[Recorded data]
----
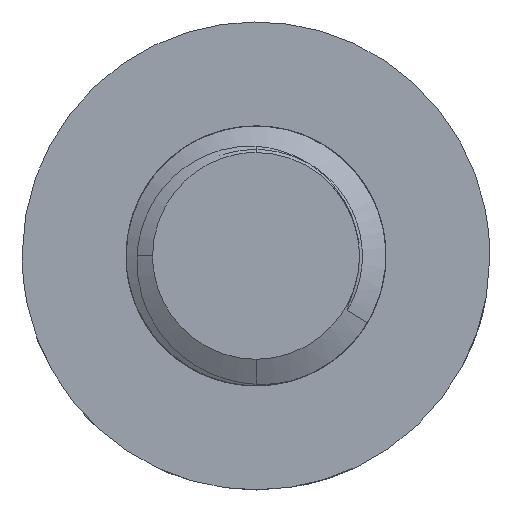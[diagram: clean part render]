
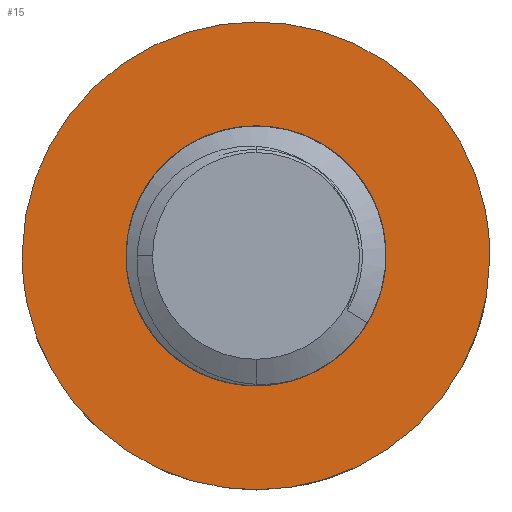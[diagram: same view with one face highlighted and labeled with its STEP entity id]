
A CAD part, front view. The second image highlights one B-rep face of the part: STEP entity #15.
In plain terms, the highlighted planar face has unit normal (0, -1, 0).
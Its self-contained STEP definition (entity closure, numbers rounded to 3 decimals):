
#15=ADVANCED_FACE('',(#110,#109),#1592,.T.);
#109=FACE_BOUND('',#205,.T.);
#110=FACE_OUTER_BOUND('',#204,.T.);
#204=EDGE_LOOP('',(#299,#300));
#205=EDGE_LOOP('',(#301,#302));
#299=ORIENTED_EDGE('',*,*,#829,.F.);
#300=ORIENTED_EDGE('',*,*,#819,.F.);
#301=ORIENTED_EDGE('',*,*,#820,.F.);
#302=ORIENTED_EDGE('',*,*,#821,.F.);
#819=EDGE_CURVE('',#1339,#1340,#1264,.T.);
#820=EDGE_CURVE('',#1341,#1342,#1265,.T.);
#821=EDGE_CURVE('',#1342,#1341,#1266,.T.);
#829=EDGE_CURVE('',#1340,#1339,#1268,.T.);
#1264=(
BOUNDED_CURVE()
B_SPLINE_CURVE(2,(#8366,#8367,#8368,#8369,#8370),.UNSPECIFIED.,.F.,.F.)
B_SPLINE_CURVE_WITH_KNOTS((3,2,3),(-4.051,-3.038,
-2.025),.UNSPECIFIED.)
CURVE()
GEOMETRIC_REPRESENTATION_ITEM()
RATIONAL_B_SPLINE_CURVE((1.,0.707,1.,0.707,1.))
REPRESENTATION_ITEM('')
);
#1265=(
BOUNDED_CURVE()
B_SPLINE_CURVE(2,(#8371,#8372,#8373,#8374,#8375),.UNSPECIFIED.,.F.,.F.)
B_SPLINE_CURVE_WITH_KNOTS((3,2,3),(0.,2.356,4.712),
 .UNSPECIFIED.)
CURVE()
GEOMETRIC_REPRESENTATION_ITEM()
RATIONAL_B_SPLINE_CURVE((1.,0.707,1.,0.707,1.))
REPRESENTATION_ITEM('')
);
#1266=(
BOUNDED_CURVE()
B_SPLINE_CURVE(2,(#8376,#8377,#8378,#8379,#8380),.UNSPECIFIED.,.F.,.F.)
B_SPLINE_CURVE_WITH_KNOTS((3,2,3),(4.712,7.069,9.425),
 .UNSPECIFIED.)
CURVE()
GEOMETRIC_REPRESENTATION_ITEM()
RATIONAL_B_SPLINE_CURVE((1.,0.707,1.,0.707,1.))
REPRESENTATION_ITEM('')
);
#1268=(
BOUNDED_CURVE()
B_SPLINE_CURVE(2,(#8433,#8434,#8435,#8436,#8437),.UNSPECIFIED.,.F.,.F.)
B_SPLINE_CURVE_WITH_KNOTS((3,2,3),(-2.025,-1.013,
0.),.UNSPECIFIED.)
CURVE()
GEOMETRIC_REPRESENTATION_ITEM()
RATIONAL_B_SPLINE_CURVE((1.,0.707,1.,0.707,1.))
REPRESENTATION_ITEM('')
);
#1339=VERTEX_POINT('',#8197);
#1340=VERTEX_POINT('',#8198);
#1341=VERTEX_POINT('',#8199);
#1342=VERTEX_POINT('',#8200);
#1592=PLANE('',#1622);
#1622=AXIS2_PLACEMENT_3D('',#1648,#1635,$);
#1635=DIRECTION('',(0.,-1.,0.));
#1648=CARTESIAN_POINT('',(166.577,431.398,410.396));
#8197=CARTESIAN_POINT('',(172.529,431.398,407.144));
#8198=CARTESIAN_POINT('',(167.129,431.398,407.144));
#8199=CARTESIAN_POINT('',(168.329,431.398,407.144));
#8200=CARTESIAN_POINT('',(171.329,431.398,407.144));
#8366=CARTESIAN_POINT('',(172.529,431.398,407.144));
#8367=CARTESIAN_POINT('',(172.529,431.398,404.444));
#8368=CARTESIAN_POINT('',(169.829,431.398,404.444));
#8369=CARTESIAN_POINT('',(167.129,431.398,404.444));
#8370=CARTESIAN_POINT('',(167.129,431.398,407.144));
#8371=CARTESIAN_POINT('',(168.329,431.398,407.144));
#8372=CARTESIAN_POINT('',(168.329,431.398,405.644));
#8373=CARTESIAN_POINT('',(169.829,431.398,405.644));
#8374=CARTESIAN_POINT('',(171.329,431.398,405.644));
#8375=CARTESIAN_POINT('',(171.329,431.398,407.144));
#8376=CARTESIAN_POINT('',(171.329,431.398,407.144));
#8377=CARTESIAN_POINT('',(171.329,431.398,408.644));
#8378=CARTESIAN_POINT('',(169.829,431.398,408.644));
#8379=CARTESIAN_POINT('',(168.329,431.398,408.644));
#8380=CARTESIAN_POINT('',(168.329,431.398,407.144));
#8433=CARTESIAN_POINT('',(167.129,431.398,407.144));
#8434=CARTESIAN_POINT('',(167.129,431.398,409.844));
#8435=CARTESIAN_POINT('',(169.829,431.398,409.844));
#8436=CARTESIAN_POINT('',(172.529,431.398,409.844));
#8437=CARTESIAN_POINT('',(172.529,431.398,407.144));
----
### About this task
Starting at the line that contains "#8433=CARTESIAN_POINT('',(167.129,431.398,407.144));", restate word for word every line through the last one in the records above. Return nothing else.

### Your response
#8433=CARTESIAN_POINT('',(167.129,431.398,407.144));
#8434=CARTESIAN_POINT('',(167.129,431.398,409.844));
#8435=CARTESIAN_POINT('',(169.829,431.398,409.844));
#8436=CARTESIAN_POINT('',(172.529,431.398,409.844));
#8437=CARTESIAN_POINT('',(172.529,431.398,407.144));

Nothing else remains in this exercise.